Output each entry verbatim and exclude every picture from it.
=====
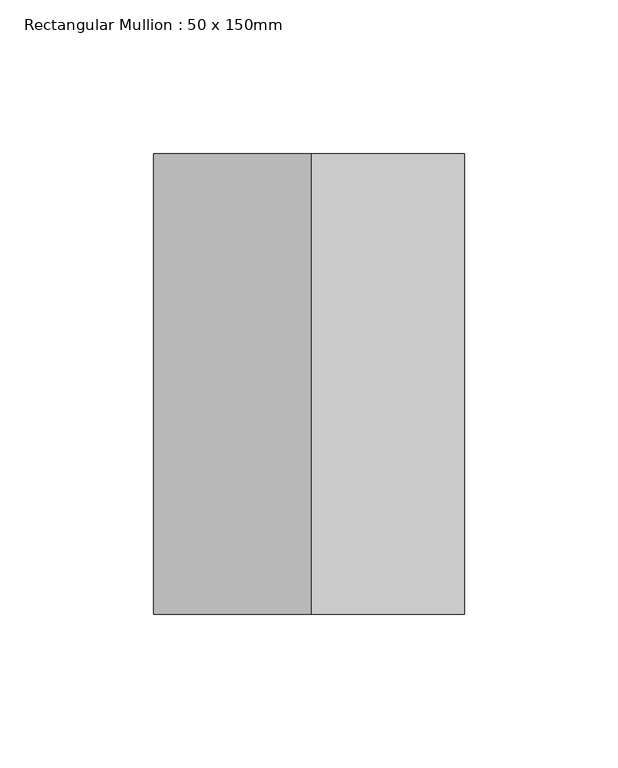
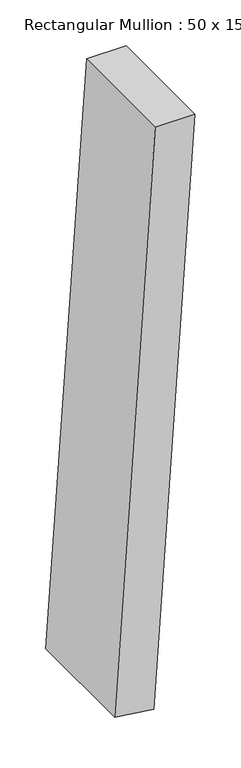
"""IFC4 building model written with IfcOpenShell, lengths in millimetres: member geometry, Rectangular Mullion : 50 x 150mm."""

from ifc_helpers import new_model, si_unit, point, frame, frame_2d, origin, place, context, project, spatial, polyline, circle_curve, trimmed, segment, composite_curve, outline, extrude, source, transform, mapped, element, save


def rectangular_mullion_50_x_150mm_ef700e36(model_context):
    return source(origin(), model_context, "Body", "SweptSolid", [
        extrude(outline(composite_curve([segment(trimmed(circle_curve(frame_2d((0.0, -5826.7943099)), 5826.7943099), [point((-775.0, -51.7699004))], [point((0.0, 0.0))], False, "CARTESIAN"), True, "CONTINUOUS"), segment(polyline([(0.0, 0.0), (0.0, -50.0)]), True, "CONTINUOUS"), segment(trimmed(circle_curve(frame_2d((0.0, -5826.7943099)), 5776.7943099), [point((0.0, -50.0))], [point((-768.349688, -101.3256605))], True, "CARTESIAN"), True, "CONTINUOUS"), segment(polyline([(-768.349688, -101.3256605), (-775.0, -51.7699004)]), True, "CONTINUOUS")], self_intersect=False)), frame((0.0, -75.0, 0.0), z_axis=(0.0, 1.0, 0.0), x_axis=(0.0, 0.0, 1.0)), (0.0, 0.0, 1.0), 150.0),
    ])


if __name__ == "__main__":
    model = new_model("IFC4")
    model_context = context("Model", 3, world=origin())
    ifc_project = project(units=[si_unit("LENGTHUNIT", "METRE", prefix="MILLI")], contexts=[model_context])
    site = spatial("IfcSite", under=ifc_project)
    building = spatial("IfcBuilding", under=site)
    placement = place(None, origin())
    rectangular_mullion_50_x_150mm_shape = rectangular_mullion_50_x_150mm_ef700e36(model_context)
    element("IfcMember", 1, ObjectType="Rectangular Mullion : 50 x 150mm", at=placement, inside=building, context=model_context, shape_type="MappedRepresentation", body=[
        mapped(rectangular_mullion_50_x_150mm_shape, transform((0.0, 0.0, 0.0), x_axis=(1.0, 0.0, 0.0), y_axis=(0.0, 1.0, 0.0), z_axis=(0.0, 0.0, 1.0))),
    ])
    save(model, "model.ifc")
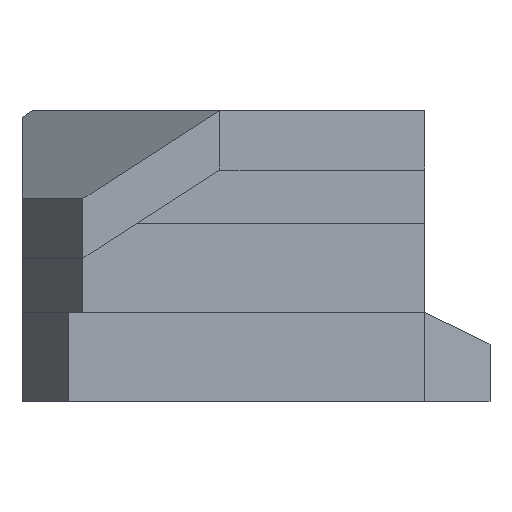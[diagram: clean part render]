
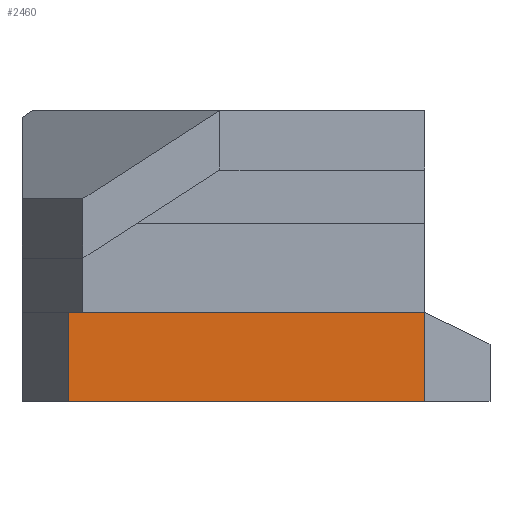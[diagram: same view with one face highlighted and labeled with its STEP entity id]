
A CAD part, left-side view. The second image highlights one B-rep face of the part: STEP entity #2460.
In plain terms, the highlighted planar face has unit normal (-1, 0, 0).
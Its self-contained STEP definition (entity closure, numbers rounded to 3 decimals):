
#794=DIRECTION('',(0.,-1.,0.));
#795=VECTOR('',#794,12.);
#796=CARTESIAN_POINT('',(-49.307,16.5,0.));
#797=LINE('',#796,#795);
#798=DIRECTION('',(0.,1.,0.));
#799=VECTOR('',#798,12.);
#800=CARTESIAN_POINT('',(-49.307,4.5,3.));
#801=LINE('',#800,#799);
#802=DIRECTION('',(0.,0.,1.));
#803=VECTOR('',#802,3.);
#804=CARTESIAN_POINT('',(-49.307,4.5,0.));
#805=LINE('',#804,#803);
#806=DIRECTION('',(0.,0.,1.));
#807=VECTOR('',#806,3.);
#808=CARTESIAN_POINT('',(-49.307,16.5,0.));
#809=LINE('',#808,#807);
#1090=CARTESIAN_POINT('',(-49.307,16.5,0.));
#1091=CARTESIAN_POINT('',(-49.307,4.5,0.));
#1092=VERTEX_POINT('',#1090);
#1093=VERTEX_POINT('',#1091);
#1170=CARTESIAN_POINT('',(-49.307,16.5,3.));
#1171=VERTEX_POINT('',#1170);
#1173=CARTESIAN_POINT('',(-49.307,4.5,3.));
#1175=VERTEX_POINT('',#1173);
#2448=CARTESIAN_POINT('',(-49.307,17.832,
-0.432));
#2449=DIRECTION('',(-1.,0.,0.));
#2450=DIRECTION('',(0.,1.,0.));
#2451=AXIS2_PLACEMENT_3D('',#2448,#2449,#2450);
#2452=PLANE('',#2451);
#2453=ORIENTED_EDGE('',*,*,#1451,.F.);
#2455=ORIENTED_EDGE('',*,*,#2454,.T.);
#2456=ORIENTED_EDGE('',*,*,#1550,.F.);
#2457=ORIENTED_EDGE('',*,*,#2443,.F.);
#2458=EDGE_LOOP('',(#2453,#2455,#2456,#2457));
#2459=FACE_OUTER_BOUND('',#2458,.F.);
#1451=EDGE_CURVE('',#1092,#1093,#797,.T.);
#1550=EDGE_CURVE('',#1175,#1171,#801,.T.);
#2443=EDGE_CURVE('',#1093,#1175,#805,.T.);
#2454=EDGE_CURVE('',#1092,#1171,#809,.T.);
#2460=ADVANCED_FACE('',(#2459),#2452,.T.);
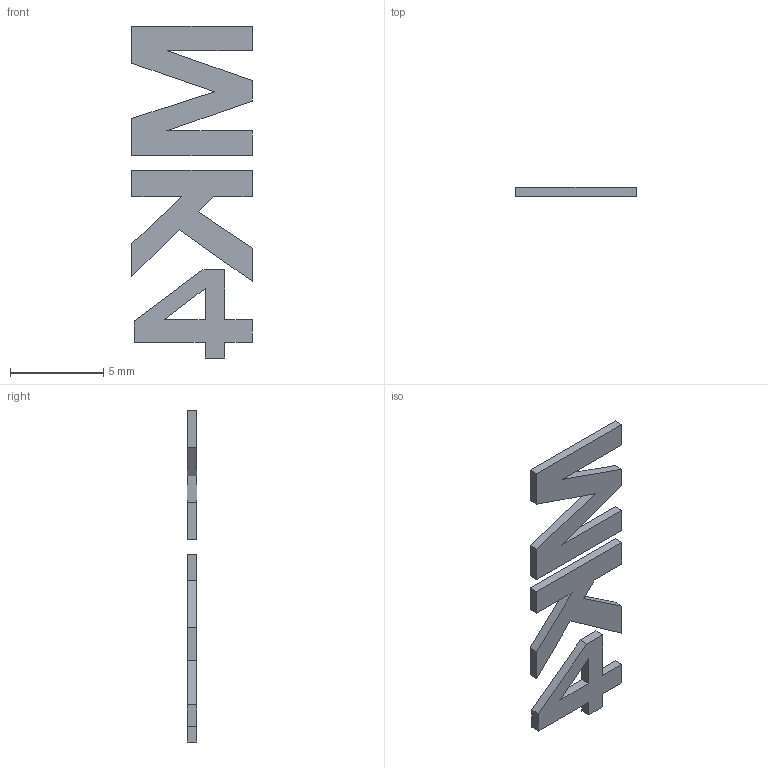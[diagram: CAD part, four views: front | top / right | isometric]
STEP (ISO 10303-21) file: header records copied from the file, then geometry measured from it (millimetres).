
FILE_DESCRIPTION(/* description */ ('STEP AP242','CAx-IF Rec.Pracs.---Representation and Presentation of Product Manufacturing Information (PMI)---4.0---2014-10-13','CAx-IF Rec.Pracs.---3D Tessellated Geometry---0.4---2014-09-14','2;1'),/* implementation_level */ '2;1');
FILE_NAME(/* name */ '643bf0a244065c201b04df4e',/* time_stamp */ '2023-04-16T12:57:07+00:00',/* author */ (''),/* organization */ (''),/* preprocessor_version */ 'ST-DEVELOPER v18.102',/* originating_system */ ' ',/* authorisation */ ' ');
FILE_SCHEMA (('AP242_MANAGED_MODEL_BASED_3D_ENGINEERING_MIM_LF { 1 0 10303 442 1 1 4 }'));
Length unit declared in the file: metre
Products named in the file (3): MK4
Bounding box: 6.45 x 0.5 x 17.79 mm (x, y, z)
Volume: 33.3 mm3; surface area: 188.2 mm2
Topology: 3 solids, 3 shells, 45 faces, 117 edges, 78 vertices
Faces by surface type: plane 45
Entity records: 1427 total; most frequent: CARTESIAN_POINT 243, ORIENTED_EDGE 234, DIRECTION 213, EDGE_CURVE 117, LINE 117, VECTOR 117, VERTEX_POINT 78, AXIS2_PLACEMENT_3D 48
=====
◆ **YOUR SOLUTION**:
"""IFC4 building model written with IfcOpenShell, lengths in millimetres: member geometry, Rectangular Mullion : 50 x 150mm."""

from ifc_helpers import new_model, si_unit, point, frame, frame_2d, origin, place, context, project, spatial, polyline, circle_curve, trimmed, segment, composite_curve, outline, extrude, source, transform, mapped, element, save


def rectangular_mullion_50_x_150mm_ef700e36(model_context):
    return source(origin(), model_context, "Body", "SweptSolid", [
        extrude(outline(composite_curve([segment(trimmed(circle_curve(frame_2d((0.0, -5826.7943099)), 5826.7943099), [point((-775.0, -51.7699004))], [point((0.0, 0.0))], False, "CARTESIAN"), True, "CONTINUOUS"), segment(polyline([(0.0, 0.0), (0.0, -50.0)]), True, "CONTINUOUS"), segment(trimmed(circle_curve(frame_2d((0.0, -5826.7943099)), 5776.7943099), [point((0.0, -50.0))], [point((-768.349688, -101.3256605))], True, "CARTESIAN"), True, "CONTINUOUS"), segment(polyline([(-768.349688, -101.3256605), (-775.0, -51.7699004)]), True, "CONTINUOUS")], self_intersect=False)), frame((0.0, -75.0, 0.0), z_axis=(0.0, 1.0, 0.0), x_axis=(0.0, 0.0, 1.0)), (0.0, 0.0, 1.0), 150.0),
    ])


if __name__ == "__main__":
    model = new_model("IFC4")
    model_context = context("Model", 3, world=origin())
    ifc_project = project(units=[si_unit("LENGTHUNIT", "METRE", prefix="MILLI")], contexts=[model_context])
    site = spatial("IfcSite", under=ifc_project)
    building = spatial("IfcBuilding", under=site)
    placement = place(None, origin())
    rectangular_mullion_50_x_150mm_shape = rectangular_mullion_50_x_150mm_ef700e36(model_context)
    element("IfcMember", 1, ObjectType="Rectangular Mullion : 50 x 150mm", at=placement, inside=building, context=model_context, shape_type="MappedRepresentation", body=[
        mapped(rectangular_mullion_50_x_150mm_shape, transform((0.0, 0.0, 0.0), x_axis=(1.0, 0.0, 0.0), y_axis=(0.0, 1.0, 0.0), z_axis=(0.0, 0.0, 1.0))),
    ])
    save(model, "model.ifc")
[diagram: clean part render]
[diagram: same view with one face highlighted and labeled with its STEP entity id]
A CAD part, left-side view. The second image highlights one B-rep face of the part: STEP entity #2460.
In plain terms, the highlighted planar face has unit normal (-1, 0, 0).
Its self-contained STEP definition (entity closure, numbers rounded to 3 decimals):
#794=DIRECTION('',(0.,-1.,0.));
#795=VECTOR('',#794,12.);
#796=CARTESIAN_POINT('',(-49.307,16.5,0.));
#797=LINE('',#796,#795);
#798=DIRECTION('',(0.,1.,0.));
#799=VECTOR('',#798,12.);
#800=CARTESIAN_POINT('',(-49.307,4.5,3.));
#801=LINE('',#800,#799);
#802=DIRECTION('',(0.,0.,1.));
#803=VECTOR('',#802,3.);
#804=CARTESIAN_POINT('',(-49.307,4.5,0.));
#805=LINE('',#804,#803);
#806=DIRECTION('',(0.,0.,1.));
#807=VECTOR('',#806,3.);
#808=CARTESIAN_POINT('',(-49.307,16.5,0.));
#809=LINE('',#808,#807);
#1090=CARTESIAN_POINT('',(-49.307,16.5,0.));
#1091=CARTESIAN_POINT('',(-49.307,4.5,0.));
#1092=VERTEX_POINT('',#1090);
#1093=VERTEX_POINT('',#1091);
#1170=CARTESIAN_POINT('',(-49.307,16.5,3.));
#1171=VERTEX_POINT('',#1170);
#1173=CARTESIAN_POINT('',(-49.307,4.5,3.));
#1175=VERTEX_POINT('',#1173);
#2448=CARTESIAN_POINT('',(-49.307,17.832,
-0.432));
#2449=DIRECTION('',(-1.,0.,0.));
#2450=DIRECTION('',(0.,1.,0.));
#2451=AXIS2_PLACEMENT_3D('',#2448,#2449,#2450);
#2452=PLANE('',#2451);
#2453=ORIENTED_EDGE('',*,*,#1451,.F.);
#2455=ORIENTED_EDGE('',*,*,#2454,.T.);
#2456=ORIENTED_EDGE('',*,*,#1550,.F.);
#2457=ORIENTED_EDGE('',*,*,#2443,.F.);
#2458=EDGE_LOOP('',(#2453,#2455,#2456,#2457));
#2459=FACE_OUTER_BOUND('',#2458,.F.);
#1451=EDGE_CURVE('',#1092,#1093,#797,.T.);
#1550=EDGE_CURVE('',#1175,#1171,#801,.T.);
#2443=EDGE_CURVE('',#1093,#1175,#805,.T.);
#2454=EDGE_CURVE('',#1092,#1171,#809,.T.);
#2460=ADVANCED_FACE('',(#2459),#2452,.T.);
[diagram: CAD part, four views: front | top / right | isometric]
STEP (ISO 10303-21) file: header records copied from the file, then geometry measured from it (millimetres).
FILE_DESCRIPTION(/* description */ ('STEP AP242','CAx-IF Rec.Pracs.---Representation and Presentation of Product Manufacturing Information (PMI)---4.0---2014-10-13','CAx-IF Rec.Pracs.---3D Tessellated Geometry---0.4---2014-09-14','2;1'),/* implementation_level */ '2;1');
FILE_NAME(/* name */ '643bf0a244065c201b04df4e',/* time_stamp */ '2023-04-16T12:57:07+00:00',/* author */ (''),/* organization */ (''),/* preprocessor_version */ 'ST-DEVELOPER v18.102',/* originating_system */ ' ',/* authorisation */ ' ');
FILE_SCHEMA (('AP242_MANAGED_MODEL_BASED_3D_ENGINEERING_MIM_LF { 1 0 10303 442 1 1 4 }'));
Length unit declared in the file: metre
Products named in the file (3): MK4
Bounding box: 6.45 x 0.5 x 17.79 mm (x, y, z)
Volume: 33.3 mm3; surface area: 188.2 mm2
Topology: 3 solids, 3 shells, 45 faces, 117 edges, 78 vertices
Faces by surface type: plane 45
Entity records: 1427 total; most frequent: CARTESIAN_POINT 243, ORIENTED_EDGE 234, DIRECTION 213, EDGE_CURVE 117, LINE 117, VECTOR 117, VERTEX_POINT 78, AXIS2_PLACEMENT_3D 48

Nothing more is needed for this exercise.